Wracając jednak do dawno obiecanego monitoringu. Jak już Ci wspominałam, jeżeli o monitoring chodzi weszły ostatnio w życie ważne zmiany. Nowa ustawa o ochronie danych osobowych oprócz przepisów stricte dotyczących danych osobowych zawiera bowiem również ważną nowelizację przepisów prawa pracy.
[UWAGA!] Niezależnie od zmian, niezmienne jest to, że stosując monitoring, musimy poinformować o tym naszych Gości, nie tylko w formie graficznej – poprzedni odpowiedni piktogram, ale także poprzez wywieszenie klauzuli informacyjnej RODO.
W moim sklepie online możesz pobrać wzór takiej klauzuli informacyjnej do zastosowania w Twojej restauracji.
Link do sklepu zostawiam tu 🙂
***
A wracając do nowelizacji – jest ona tym ważniejsza, iż do tej pory – o czym pisałam Ci już wcześniej – w polskim prawodawstwie w zasadzie brak było jakiejkolwiek podstawy prawnej do stosowania monitoringu. Oczywiście to, że takiej podstawy nie było nie powodowało, iż restauracje (jak i inne miejsca pracy) nie stosowały monitoringu. Latami przyjmowało się bowiem, że w momencie kiedy jego stosowanie jest wymagane względami bezpieczeństwa, możemy taki środek zastosować. Jednocześnie przyjmowało się, że nagrywani – czy to Goście czy pracownicy – powinni bezwzględnie zostać o nagrywaniu poinformowani.
I wprowadzona właśnie nowelizacja przepisów w zasadzie potwierdza obowiązujące dotąd zasady. Nowelizacja dotyczy co prawda pracowników, ale szerzej możemy ją odnieść – tak jak dotychczas – również do naszych Gości oraz innych osób przebywających na terenie restauracji.

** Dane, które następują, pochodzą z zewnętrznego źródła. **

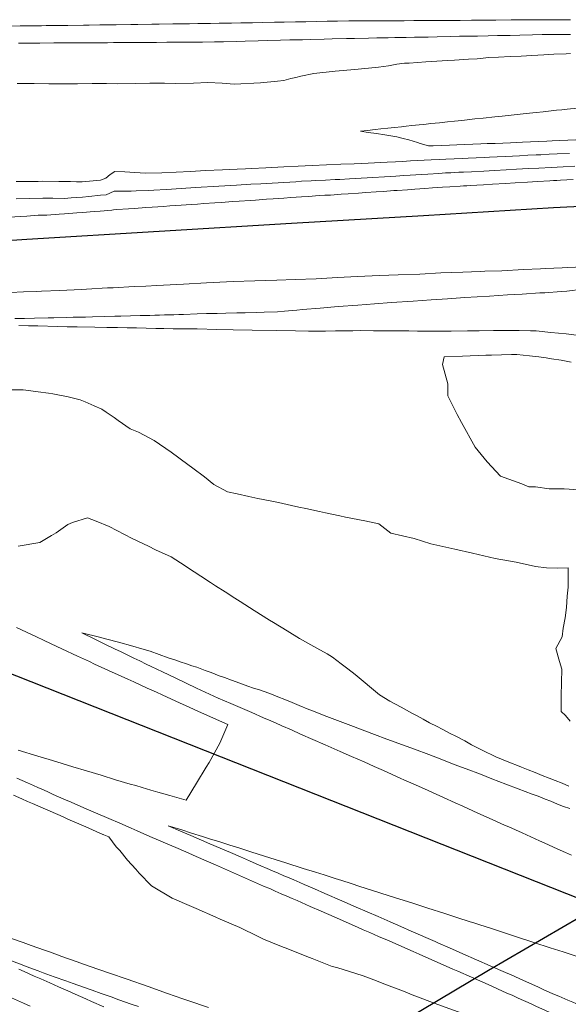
# Model space of a CAD drawing. Header units: inches. Extents: x 11351264 to 11356330, y 6702313 to 6706468.
# Tile 155 of 160: x 11355671 to 11355916, y 6705622 to 6706061. Entities that reach past the tile are written whole.
import ezdxf

# ---------------------------------------------------------------- set-up
doc = ezdxf.new("R2010")
doc.units = ezdxf.units.IN
doc.header["$MEASUREMENT"] = 0
doc.layers.add('Shumate_Contours_clip1', color=7, linetype='Continuous', lineweight=0)
doc.layers.add('Shumate_Streets_clip1', color=7, linetype='Continuous')

msp = doc.modelspace()

# ---------------------------------------------------------------- linework, layer by layer
at = {"layer": 'Shumate_Contours_clip1'}
for points, elevation in [([(11355916.59, 6706061.29), (11355908.56, 6706061.26), (11355906.47, 6706061.26), (11355900.54, 6706061.24), (11355898.23, 6706061.23), (11355892.52, 6706061.2), (11355890, 6706061.19), (11355883.22, 6706061.08), (11355880.49, 6706061.07), (11355875.24, 6706061.04), (11355872.32, 6706061.04), (11355867.26, 6706061), (11355864.15, 6706061), (11355859.28, 6706060.97), (11355855.97, 6706060.97), (11355850.23, 6706060.88), (11355846.69, 6706060.88), (11355842.31, 6706060.85), (11355838.56, 6706060.85), (11355834.39, 6706060.83), (11355830.42, 6706060.83), (11355826.47, 6706060.82), (11355822.27, 6706060.82), (11355817.67, 6706060.73), (11355812.59, 6706060.65), (11355808.05, 6706060.56), (11355803.2, 6706060.48), (11355798.43, 6706060.39), (11355793.82, 6706060.32), (11355788.81, 6706060.22), (11355784.43, 6706060.15), (11355779.06, 6706060.03), (11355774.72, 6706059.95), (11355769.44, 6706059.86), (11355765.32, 6706059.79), (11355759.83, 6706059.7), (11355755.91, 6706059.64), (11355750.23, 6706059.55), (11355746.5, 6706059.49), (11355742.52, 6706059.45), (11355739.08, 6706059.39), (11355732.99, 6706059.31), (11355729.71, 6706059.25), (11355723.46, 6706059.17), (11355720.34, 6706059.12), (11355713.93, 6706059.03), (11355710.98, 6706058.98), (11355706.55, 6706058.94), (11355701.85, 6706058.9), (11355699.35, 6706058.86), (11355692.26, 6706058.77), (11355689.92, 6706058.74), (11355682.68, 6706058.64), (11355680.49, 6706058.61), (11355673.11, 6706058.52), (11355671.06, 6706058.49), (11355665.88, 6706058.38)], 1376), ([(11355916.46, 6706054.75), (11355912.08, 6706054.73), (11355908.43, 6706054.71), (11355903.9, 6706054.67), (11355899.58, 6706054.55), (11355893.93, 6706054.41), (11355889.65, 6706054.29), (11355883.92, 6706054.17), (11355879.73, 6706054.06), (11355875.05, 6706054), (11355871.71, 6706053.94), (11355867, 6706053.89), (11355862.92, 6706053.78), (11355856.98, 6706053.66), (11355853.04, 6706053.56), (11355846.96, 6706053.44), (11355843.15, 6706053.35), (11355838.16, 6706053.29), (11355835.15, 6706053.24), (11355830.11, 6706053.19), (11355826.46, 6706053.09), (11355820.13, 6706052.95), (11355816.58, 6706052.86), (11355810.16, 6706052.71), (11355806.68, 6706052.61), (11355800.61, 6706052.47), (11355796.98, 6706052.38), (11355791.26, 6706052.26), (11355787.19, 6706052.14), (11355781.32, 6706051.99), (11355777.26, 6706051.87), (11355771.38, 6706051.71), (11355767.32, 6706051.59), (11355761.78, 6706051.49), (11355757.68, 6706051.42), (11355752.37, 6706051.33), (11355749.48, 6706051.32), (11355746.05, 6706051.3), (11355743, 6706051.29), (11355739.73, 6706051.26), (11355736.51, 6706051.25), (11355731.89, 6706051.19), (11355727.01, 6706051.15), (11355722.46, 6706051.1), (11355719.12, 6706051.08), (11355716.22, 6706051.06), (11355712.72, 6706051.05), (11355709.98, 6706051.03), (11355706.32, 6706051.02), (11355702.47, 6706051), (11355699.91, 6706050.98), (11355695.9, 6706050.97), (11355693.51, 6706050.95), (11355689.34, 6706050.93), (11355686.05, 6706050.9), (11355679.82, 6706050.85), (11355676.59, 6706050.82), (11355672.29, 6706050.78), (11355670.28, 6706050.76)], 1374), ([(11355916.55, 6706046.19), (11355914.63, 6706046.09), (11355909.08, 6706045.88), (11355904.56, 6706045.6), (11355899.35, 6706045.39), (11355894.47, 6706045.09), (11355889.63, 6706044.9), (11355884.38, 6706044.56), (11355879.93, 6706044.38), (11355877.52, 6706044.13), (11355874.88, 6706043.85), (11355871.06, 6706043.69), (11355864.81, 6706043.25), (11355861.47, 6706043.11), (11355854.71, 6706042.63), (11355851.92, 6706042.51), (11355844.6, 6706041.96), (11355842.41, 6706041.86), (11355839.12, 6706041.4), (11355835.31, 6706040.74), (11355830.85, 6706040.09), (11355820.28, 6706039.12), (11355811.56, 6706038.31), (11355802.06, 6706037.33), (11355796.3, 6706036.14), (11355794, 6706035.53), (11355791.82, 6706035.06), (11355788.68, 6706034.11), (11355785.79, 6706033.87), (11355778.22, 6706033.13), (11355766.56, 6706032.48), (11355761.14, 6706032.92), (11355754.74, 6706033.23), (11355748.28, 6706033.05), (11355740.35, 6706032.81), (11355735.37, 6706032.94), (11355728.91, 6706033.03), (11355722.46, 6706032.9), (11355714.49, 6706032.71), (11355709.56, 6706032.81), (11355703.09, 6706032.87), (11355696.65, 6706032.76), (11355688.62, 6706032.62), (11355683.77, 6706032.75), (11355677.32, 6706032.87), (11355673.83, 6706032.81), (11355669.65, 6706032.77)], 1372), ([(11355919.64, 6706021.78), (11355915.01, 6706021.42), (11355912.6, 6706021.15), (11355910.22, 6706020.88), (11355904.38, 6706020.25), (11355901.24, 6706019.92), (11355898.28, 6706019.6), (11355894.04, 6706019.16), (11355890.03, 6706018.73), (11355886.03, 6706018.31), (11355882.7, 6706017.96), (11355877.58, 6706017.41), (11355873.92, 6706017.03), (11355868.06, 6706016.41), (11355864.82, 6706016.06), (11355861.64, 6706015.73), (11355858.1, 6706015.35), (11355854.25, 6706014.94), (11355851.09, 6706014.61), (11355849, 6706014.39), (11355845.71, 6706014.04), (11355843.29, 6706013.78), (11355841.16, 6706013.55), (11355838.08, 6706013.23), (11355835, 6706012.9), (11355831.92, 6706012.57), (11355829.35, 6706012.3), (11355826.01, 6706011.94), (11355822.86, 6706011.61), (11355826.34, 6706011.06), (11355830.03, 6706010.5), (11355833.72, 6706009.93), (11355836.38, 6706009.5), (11355839.09, 6706009.06), (11355841.83, 6706008.32), (11355844.35, 6706007.65), (11355846.3, 6706007.08), (11355848.27, 6706006.53), (11355849.42, 6706006.05), (11355853.17, 6706004.99), (11355855.27, 6706005.07), (11355858.87, 6706005.21), (11355862.52, 6706005.35), (11355865.84, 6706005.48), (11355869.4, 6706005.62), (11355872.96, 6706005.76), (11355876.52, 6706005.9), (11355879.39, 6706006.01), (11355882.86, 6706006.15), (11355886.34, 6706006.29), (11355889.81, 6706006.43), (11355892.46, 6706006.57), (11355895.12, 6706006.68), (11355898.75, 6706006.83), (11355902.38, 6706006.98), (11355906.01, 6706007.13), (11355908.29, 6706007.23), (11355911.83, 6706007.37), (11355915.37, 6706007.52), (11355918.92, 6706007.66)], 1370), ([(11355669.28, 6705989.13), (11355672.33, 6705989.17), (11355675.23, 6705989.17), (11355678.99, 6705989.21), (11355681.18, 6705989.22), (11355688.25, 6705989.2), (11355693.49, 6705989.11), (11355696.23, 6705989.02), (11355698.68, 6705988.97), (11355706.89, 6705989.8), (11355709.23, 6705990.65), (11355711.15, 6705992.24), (11355713.29, 6705993.67), (11355717.7, 6705993.41), (11355722.11, 6705993.16), (11355726.89, 6705992.82), (11355734.26, 6705993.01), (11355740.65, 6705993.34), (11355747.05, 6705993.67), (11355753.64, 6705993.99), (11355761.35, 6705994.4), (11355767.78, 6705994.69), (11355771.48, 6705994.86), (11355774.21, 6705994.99), (11355780.58, 6705995.27), (11355788.63, 6705995.7), (11355795.08, 6705995.98), (11355801.24, 6705996.25), (11355807.63, 6705996.53), (11355814.03, 6705996.81), (11355819.97, 6705997.07), (11355826.32, 6705997.35), (11355834.81, 6705997.81), (11355838.45, 6705997.98), (11355841.57, 6705998.13), (11355845.13, 6705998.3), (11355854.32, 6705998.83), (11355858.06, 6705999), (11355860.98, 6705999.13), (11355864.62, 6705999.29), (11355868.28, 6705999.44), (11355870.89, 6705999.55), (11355874.45, 6705999.7), (11355878.02, 6705999.86), (11355880.35, 6705999.96), (11355883.84, 6706000.12), (11355887.5, 6706000.31), (11355893.77, 6706000.64), (11355897.43, 6706000.84), (11355901.14, 6706001.01), (11355903.35, 6706001.1), (11355906.98, 6706001.27), (11355910.61, 6706001.43), (11355916.11, 6706001.66)], 1372), ([(11355669.25, 6705981.41), (11355675.23, 6705981.55), (11355681.18, 6705981.69), (11355685.62, 6705981.7), (11355690.88, 6705981.62), (11355693.78, 6705981.82), (11355698.78, 6705982.19), (11355701.6, 6705982.42), (11355706.94, 6705983), (11355709.35, 6705983.22), (11355712.96, 6705984.79), (11355717.38, 6705984.84), (11355720.61, 6705984.81), (11355722.73, 6705984.94), (11355728.34, 6705985.19), (11355730.66, 6705985.33), (11355736.1, 6705985.59), (11355738.58, 6705985.74), (11355744.93, 6705986.15), (11355749.41, 6705986.41), (11355751.74, 6705986.56), (11355757.24, 6705986.89), (11355759.63, 6705987.04), (11355765.07, 6705987.37), (11355767.51, 6705987.53), (11355773.89, 6705987.88), (11355778.33, 6705988.11), (11355780.74, 6705988.26), (11355786.16, 6705988.59), (11355788.64, 6705988.75), (11355794, 6705989.06), (11355796.54, 6705989.23), (11355800.87, 6705989.43), (11355802.95, 6705989.54), (11355807.27, 6705989.75), (11355811.56, 6705989.96), (11355813.67, 6705990.07), (11355817.95, 6705990.28), (11355820.54, 6705990.45), (11355825.75, 6705990.76), (11355828.4, 6705990.93), (11355833.55, 6705991.24), (11355836.26, 6705991.42), (11355838.6, 6705991.55), (11355842.17, 6705991.75), (11355845.07, 6705991.95), (11355850.01, 6705992.25), (11355852.95, 6705992.44), (11355857.84, 6705992.74), (11355860.83, 6705992.94), (11355863.09, 6705993.05), (11355866.73, 6705993.23), (11355868.83, 6705993.33), (11355872.39, 6705993.49), (11355877.83, 6705993.76), (11355882.55, 6705994.03), (11355887.8, 6705994.31), (11355892.47, 6705994.58), (11355897.76, 6705994.87), (11355902.38, 6705995.14), (11355907.95, 6705995.41), (11355913.31, 6705995.65), (11355918.47, 6705995.91)], 1374), ([(11355666.16, 6705973.22), (11355671.16, 6705973.58), (11355674.01, 6705973.74), (11355679.02, 6705974.1), (11355681.18, 6705974.17), (11355682.99, 6705974.19), (11355688.44, 6705974.58), (11355690.88, 6705974.74), (11355696.28, 6705975.13), (11355698.81, 6705975.34), (11355704.1, 6705975.72), (11355706.77, 6705975.97), (11355711.92, 6705976.34), (11355712.65, 6705976.56), (11355714.18, 6705976.62), (11355719.3, 6705976.98), (11355722.04, 6705977.15), (11355727.15, 6705977.52), (11355729.9, 6705977.69), (11355734.99, 6705978.05), (11355737.77, 6705978.22), (11355742.83, 6705978.59), (11355745.14, 6705978.74), (11355750.11, 6705979.1), (11355753, 6705979.29), (11355757.94, 6705979.64), (11355760.87, 6705979.83), (11355765.78, 6705980.19), (11355768.73, 6705980.38), (11355773.61, 6705980.73), (11355776.05, 6705980.87), (11355780.85, 6705981.22), (11355783.91, 6705981.42), (11355788.68, 6705981.76), (11355791.76, 6705981.96), (11355796.51, 6705982.3), (11355799.62, 6705982.5), (11355804.34, 6705982.84), (11355806.9, 6705982.98), (11355809.47, 6705983.11), (11355814.16, 6705983.45), (11355817.34, 6705983.66), (11355822, 6705983.99), (11355825.22, 6705984.2), (11355829.85, 6705984.53), (11355833.09, 6705984.74), (11355837.7, 6705985.07), (11355839.19, 6705985.16), (11355843.78, 6705985.49), (11355847.05, 6705985.7), (11355851.61, 6705986.03), (11355854.91, 6705986.25), (11355859.44, 6705986.57), (11355862.77, 6705986.79), (11355867.27, 6705987.11), (11355868.83, 6705987.19), (11355870.33, 6705987.26), (11355871.77, 6705987.34), (11355877.65, 6705987.7), (11355881.78, 6705987.94), (11355887.53, 6705988.29), (11355891.78, 6705988.54), (11355897.41, 6705988.88), (11355901.78, 6705989.13), (11355907.29, 6705989.47), (11355908.92, 6705989.56), (11355910.49, 6705989.63), (11355912.01, 6705989.71), (11355917.68, 6705990.06)], 1376), ([(11355922.44, 6705951.09), (11355915.09, 6705950.75), (11355912.79, 6705950.61), (11355905.36, 6705950.28), (11355903.17, 6705950.16), (11355895.61, 6705949.84), (11355885.89, 6705949.38), (11355878.32, 6705949.1), (11355876.28, 6705949.01), (11355868.48, 6705948.72), (11355858.63, 6705948.35), (11355849.34, 6705947.88), (11355839.69, 6705947.51), (11355831.37, 6705947.21), (11355821.47, 6705946.84), (11355812.63, 6705946.3), (11355803.1, 6705945.67), (11355793.7, 6705945.38), (11355785.5, 6705945.17), (11355775.73, 6705944.92), (11355766.08, 6705944.6), (11355754.18, 6705943.93), (11355743.86, 6705943.36), (11355731.99, 6705942.71), (11355727.12, 6705942.5), (11355721.91, 6705942.28), (11355712.52, 6705941.77), (11355710.05, 6705941.66), (11355700.61, 6705941.15), (11355698.19, 6705941.03), (11355688.7, 6705940.52), (11355680.54, 6705940.23), (11355678.29, 6705940.15), (11355672.59, 6705939.95), (11355666.68, 6705939.66)], 1376), ([(11355921.92, 6705941.06), (11355914.84, 6705940.27), (11355912.37, 6705940.12), (11355905.03, 6705939.57), (11355902.78, 6705939.44), (11355894.97, 6705938.96), (11355888.49, 6705938.54), (11355880.4, 6705938.01), (11355869.43, 6705937.42), (11355861.73, 6705936.89), (11355854.43, 6705936.37), (11355846.39, 6705935.8), (11355836.7, 6705935.24), (11355829.16, 6705934.65), (11355821.63, 6705934.06), (11355812.83, 6705933.36), (11355804.87, 6705932.7), (11355796.92, 6705932.03), (11355794.39, 6705931.81), (11355788.96, 6705931.35), (11355785.87, 6705931.08), (11355779.92, 6705930.83), (11355776.6, 6705930.76), (11355771.33, 6705930.63), (11355767.72, 6705930.55), (11355762.74, 6705930.42), (11355758.84, 6705930.33), (11355754.15, 6705930.21), (11355749.96, 6705930.11), (11355743.82, 6705929.84), (11355741.76, 6705929.79), (11355739.59, 6705929.73), (11355737.45, 6705929.68), (11355735.37, 6705929.62), (11355733.14, 6705929.57), (11355731.14, 6705929.51), (11355728.83, 6705929.46), (11355724.52, 6705929.35), (11355720.21, 6705929.25), (11355715.89, 6705929.14), (11355713.27, 6705929.09), (11355708.53, 6705928.89), (11355703.35, 6705928.78), (11355700.18, 6705928.7), (11355694.69, 6705928.59), (11355691.83, 6705928.52), (11355686.03, 6705928.4), (11355683.48, 6705928.34), (11355677.36, 6705928.22), (11355673.03, 6705928.12), (11355668.7, 6705928.03)], 1374), ([(11355670.51, 6705924.89), (11355674.71, 6705924.79), (11355678.9, 6705924.73), (11355687.72, 6705924.52), (11355692.01, 6705924.41), (11355696.53, 6705924.31), (11355704.29, 6705924.12), (11355709.65, 6705924.07), (11355714.41, 6705924.03), (11355718.82, 6705923.93), (11355722.96, 6705923.84), (11355727.23, 6705923.75), (11355731.5, 6705923.66), (11355735.12, 6705923.59), (11355739.27, 6705923.5), (11355749.93, 6705923.39), (11355758.75, 6705923.22), (11355766.08, 6705923.07), (11355774.46, 6705922.92), (11355785.49, 6705922.74), (11355793.9, 6705922.57), (11355799.58, 6705922.46), (11355802.27, 6705922.44), (11355807.19, 6705922.36), (11355811.71, 6705922.48), (11355819.41, 6705922.58), (11355822.88, 6705922.66), (11355828.58, 6705922.59), (11355831.46, 6705922.59), (11355836.53, 6705922.53), (11355840.02, 6705922.53), (11355844.48, 6705922.49), (11355848.31, 6705922.45), (11355852.43, 6705922.45), (11355855.77, 6705922.42), (11355860.38, 6705922.41), (11355863.23, 6705922.39), (11355870.63, 6705922.53), (11355875.72, 6705922.6), (11355882.16, 6705922.75), (11355885.93, 6705922.71), (11355890.37, 6705922.67), (11355893.6, 6705922.63), (11355898.62, 6705922.56), (11355901.26, 6705922.52), (11355907.76, 6705921.88), (11355914.54, 6705921.19), (11355922.69, 6705920.2)], 1374), ([(11355920.24, 6705851.7), (11355913.64, 6705852.13), (11355906.95, 6705852.07), (11355900.97, 6705852.96), (11355897.92, 6705853), (11355894.81, 6705854.26), (11355885.37, 6705857.81), (11355879.37, 6705864.17), (11355873.96, 6705870.61), (11355867.92, 6705881.75), (11355866, 6705885.21), (11355861.8, 6705893.57), (11355861.76, 6705898.86), (11355859.39, 6705907.53), (11355860.15, 6705911), (11355868.35, 6705911.28), (11355878.78, 6705911.65), (11355881.24, 6705911.72), (11355890.19, 6705912.03), (11355892.53, 6705912), (11355898.21, 6705911.4), (11355902.45, 6705910.96), (11355905.6, 6705910.47), (11355908, 6705910.13), (11355912.4, 6705909.48), (11355916.82, 6705908.57)], 1376), ([(11355916.35, 6705748.46), (11355914.35, 6705751.01), (11355912.3, 6705752.87), (11355912.39, 6705756.83), (11355912.35, 6705759.86), (11355912.54, 6705765.78), (11355912.73, 6705771.65), (11355911.66, 6705775.16), (11355909.92, 6705780.88), (11355912.79, 6705786.04), (11355913.25, 6705789.92), (11355914.16, 6705794.57), (11355914.72, 6705799.24), (11355915.01, 6705804.28), (11355915.49, 6705808.23), (11355915.5, 6705816.87), (11355910.66, 6705816.75), (11355905.8, 6705816.92), (11355900.87, 6705817.46), (11355892.22, 6705819.42), (11355882.93, 6705821.06), (11355872.88, 6705823.35), (11355864.9, 6705825.2), (11355854.22, 6705827.64), (11355846.76, 6705830.02), (11355836.37, 6705832.35), (11355830.96, 6705836.56), (11355824.79, 6705837.9), (11355816.1, 6705839.52), (11355813.67, 6705840.03), (11355807.28, 6705841.37), (11355804.5, 6705841.95), (11355798.4, 6705843.35), (11355795.36, 6705843.98), (11355792.07, 6705844.67), (11355786.21, 6705845.94), (11355782.57, 6705846.7), (11355777.03, 6705847.85), (11355772.99, 6705848.69), (11355767.89, 6705849.85), (11355763.54, 6705850.75), (11355757.44, 6705854.05), (11355753.25, 6705857.48), (11355748.04, 6705861.28), (11355745.86, 6705863.02), (11355738.37, 6705868.42), (11355730.81, 6705873.72), (11355723.77, 6705877.31), (11355720.16, 6705878.8), (11355714.81, 6705882.55), (11355712.92, 6705883.89), (11355709.46, 6705886.23), (11355707.42, 6705887.56), (11355704.07, 6705889.1), (11355699.96, 6705890.89), (11355697.85, 6705891.8), (11355692.37, 6705893.11), (11355685.63, 6705894.44), (11355683.61, 6705894.7), (11355679.03, 6705895.32), (11355675.76, 6705895.81), (11355672.4, 6705896.28), (11355665.69, 6705896.28)], 1374), ([(11355915.83, 6705719.55), (11355912.75, 6705720.79), (11355909.67, 6705722.03), (11355907.06, 6705723.07), (11355903.91, 6705724.33), (11355900.76, 6705725.59), (11355897.62, 6705726.84), (11355894.7, 6705728.01), (11355894.3, 6705728.17), (11355888.32, 6705730.57), (11355883.17, 6705732.63), (11355877.15, 6705735.55), (11355872.32, 6705737.97), (11355869.44, 6705739.69), (11355865.01, 6705741.97), (11355863.21, 6705742.88), (11355859.33, 6705744.87), (11355856.99, 6705746.1), (11355853.68, 6705747.8), (11355850.78, 6705749.47), (11355848.15, 6705750.83), (11355845.98, 6705751.97), (11355841.01, 6705754.71), (11355835.97, 6705757.43), (11355831.37, 6705760.28), (11355820.53, 6705769.38), (11355817.25, 6705771.81), (11355814.21, 6705774.09), (11355810.4, 6705776.98), (11355807.96, 6705778.46), (11355803.37, 6705781.07), (11355795.57, 6705785.41), (11355790.07, 6705788.8), (11355784.08, 6705792.48), (11355782.31, 6705793.6), (11355775.44, 6705797.91), (11355769.18, 6705801.9), (11355766.83, 6705803.38), (11355762.42, 6705806.2), (11355758.24, 6705808.88), (11355756, 6705810.34), (11355751.66, 6705813.09), (11355748.64, 6705815.12), (11355742.55, 6705819.09), (11355738.34, 6705821.84), (11355731.36, 6705824.96), (11355728.3, 6705826.53), (11355721, 6705829.94), (11355710.78, 6705835.29), (11355705, 6705837.63), (11355701.11, 6705839.11), (11355694.32, 6705837.05), (11355692.34, 6705836.18), (11355687.06, 6705832.45), (11355684.96, 6705831.32), (11355679.8, 6705828.17), (11355670.18, 6705826.49)], 1372), ([(11355669.37, 6705790.27), (11355673.8, 6705788.14), (11355677.99, 6705786.2), (11355681.7, 6705784.45), (11355687.33, 6705781.85), (11355689.64, 6705780.77), (11355696.67, 6705777.53), (11355701.98, 6705775.04), (11355704.26, 6705773.99), (11355710.51, 6705771.11), (11355719.06, 6705767.2), (11355721.73, 6705765.99), (11355727.63, 6705763.29), (11355731.78, 6705761.41), (11355734.39, 6705760.2), (11355736.62, 6705759.15), (11355742.11, 6705756.68), (11355745.08, 6705755.34), (11355751.97, 6705752.25), (11355763.6, 6705747.04), (11355760.12, 6705738.75), (11355755.31, 6705730.01), (11355754.04, 6705727.99), (11355749.67, 6705720.87), (11355745.04, 6705713.21), (11355737.82, 6705715.3), (11355732.38, 6705716.88), (11355729.3, 6705717.79), (11355725.51, 6705718.89), (11355722.56, 6705719.78), (11355720.14, 6705720.49), (11355713.63, 6705722.42), (11355707.11, 6705724.36), (11355700.59, 6705726.31), (11355694.53, 6705728.19), (11355689.77, 6705729.62), (11355687.35, 6705730.36), (11355683.96, 6705731.37), (11355678.96, 6705732.87), (11355670.13, 6705735.52)], 1372), ([(11355916.25, 6705709.54), (11355913.47, 6705710.5), (11355910.75, 6705711.5), (11355907.7, 6705712.77), (11355905.22, 6705713.78), (11355902.06, 6705715), (11355899.44, 6705716.01), (11355893.14, 6705718.38), (11355887.75, 6705720.41), (11355881.48, 6705722.83), (11355876.34, 6705724.82), (11355870.02, 6705727.2), (11355864.65, 6705729.22), (11355858.36, 6705731.65), (11355853.27, 6705733.62), (11355846.91, 6705735.97), (11355841.55, 6705737.96), (11355834.57, 6705740.54), (11355829.03, 6705742.58), (11355824.85, 6705744.21), (11355822.84, 6705744.97), (11355818.52, 6705746.65), (11355811.4, 6705749.3), (11355807.88, 6705750.63), (11355805.91, 6705751.35), (11355801.9, 6705752.93), (11355799.77, 6705753.76), (11355795.53, 6705755.45), (11355792.33, 6705756.76), (11355789.12, 6705758.1), (11355785.93, 6705759.41), (11355783.92, 6705760.22), (11355781.91, 6705760.97), (11355777.73, 6705762.45), (11355775.16, 6705763.29), (11355772.59, 6705764.15), (11355767.36, 6705766.04), (11355765.28, 6705766.79), (11355762.14, 6705767.94), (11355759.8, 6705768.78), (11355756.26, 6705770.14), (11355753.52, 6705771.15), (11355749.89, 6705772.54), (11355747.66, 6705773.25), (11355745.16, 6705774.11), (11355742.39, 6705775), (11355740.45, 6705775.66), (11355737.1, 6705776.72), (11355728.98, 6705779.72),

Jakie zasady utwierdza więc ta nowelizacja, a jakie wprowadza?
- cel stosowania monitoringu – tu w zasadzie mamy potwierdzenie tego, co wiedzieliśmy już dotychczas – monitoring może być stosowany wobec pracowników w celu zapewnienia bezpieczeństwa, ochrony mienia, kontroli produkcji lub zachowania w tajemnicy informacji, których ujawnienie mogłoby narazić pracodawcę na szkodę – jednym słowem cele te wychodzą naprzeciwko interesom pracodawcy,
- wyłączenia ze stosowania monitoringu – to też w sumie wiedzieliśmy już wcześniej, a teraz ustawodawca wyraźnie nam to potwierdził – nie możemy monitorować pomieszczeń sanitarnych – łazienek, szatni pracowniczych, stołówek pracowniczych, palarni oraz pomieszczeń udostępnionych organizacjom związkowym, choć ustawodawca przewidział tu jeden wyjątek. Można bowiem zastosować monitoring również w tych pomieszczeniach, o ile jest to niezbędne do wypełnienia wskazanych wyżej celów i nie narusza to godności oraz innych dóbr osobistych pracowników oraz zasady wolności i niezależności związków zawodowych. Ustawodawca sugeruje jednak, aby jednocześnie zastosować techniki uniemożliwiające rozpoznanie osób przebywających w tych pomieszczeniach. Pytaniem retorycznym pozostaje, na ile taki monitoring, uniemożliwiający rozpoznanie nagrywanych osób w ogóle będzie skuteczny.. Można sobie wyobrazić co prawda, że jego celem byłoby odstraszenie osób, które miałby świadomość samego faktu monitorowania danego pomieszczenia, no ale hmm.. nietrudno będzie takim osobom dowiedzieć się, że można będzie udowodnić im co najwyżej fakt wejścia i wyjścia z danego pomieszczenia, zaś samo zachowanie wewnątrz i tak pozostanie tajemnicą. Jak zwykle zatem to dopiero rzeczywistość zweryfikuje sensowność i praktyczność tego typu zapisów 😉
- określenie maksymalnego czasu przechowywania takich nagrań – a tu akurat nowość – dotąd żadne przepisy nie precyzowały, jak długo możemy przechowywać takie nagrania. Obecnie ustawodawca wprost mówi, że nagranie możemy przechowywać nie dłużej niż 3 miesiące od daty nagrania, chyba że.. No właśnie jest jeden wyjątek. Jeżeli zatem takie nagranie stanowi bądź może stanowić dowód w postępowaniu sądowym lub administracyjnym, okres jego przechowywania ulega przedłużeniu do czasu zakończenia tego postępowania;
- obowiązki informacyjne – pracownicy powinni zostać poinformowani, że stosujemy wobec nich monitoring, przy czym powinniśmy zastosować zarówno oznaczenia graficzne monitorowanych pomieszczeń, jak i zasady stosowania monitoringu powinny zawierać odpowiednie wewnętrzne akty prawne (układ zbiorowy pracy, regulamin pracy lub stosowne obwieszczenie – w zależności od tego, jaki akt obowiązuje u danego pracodawcy).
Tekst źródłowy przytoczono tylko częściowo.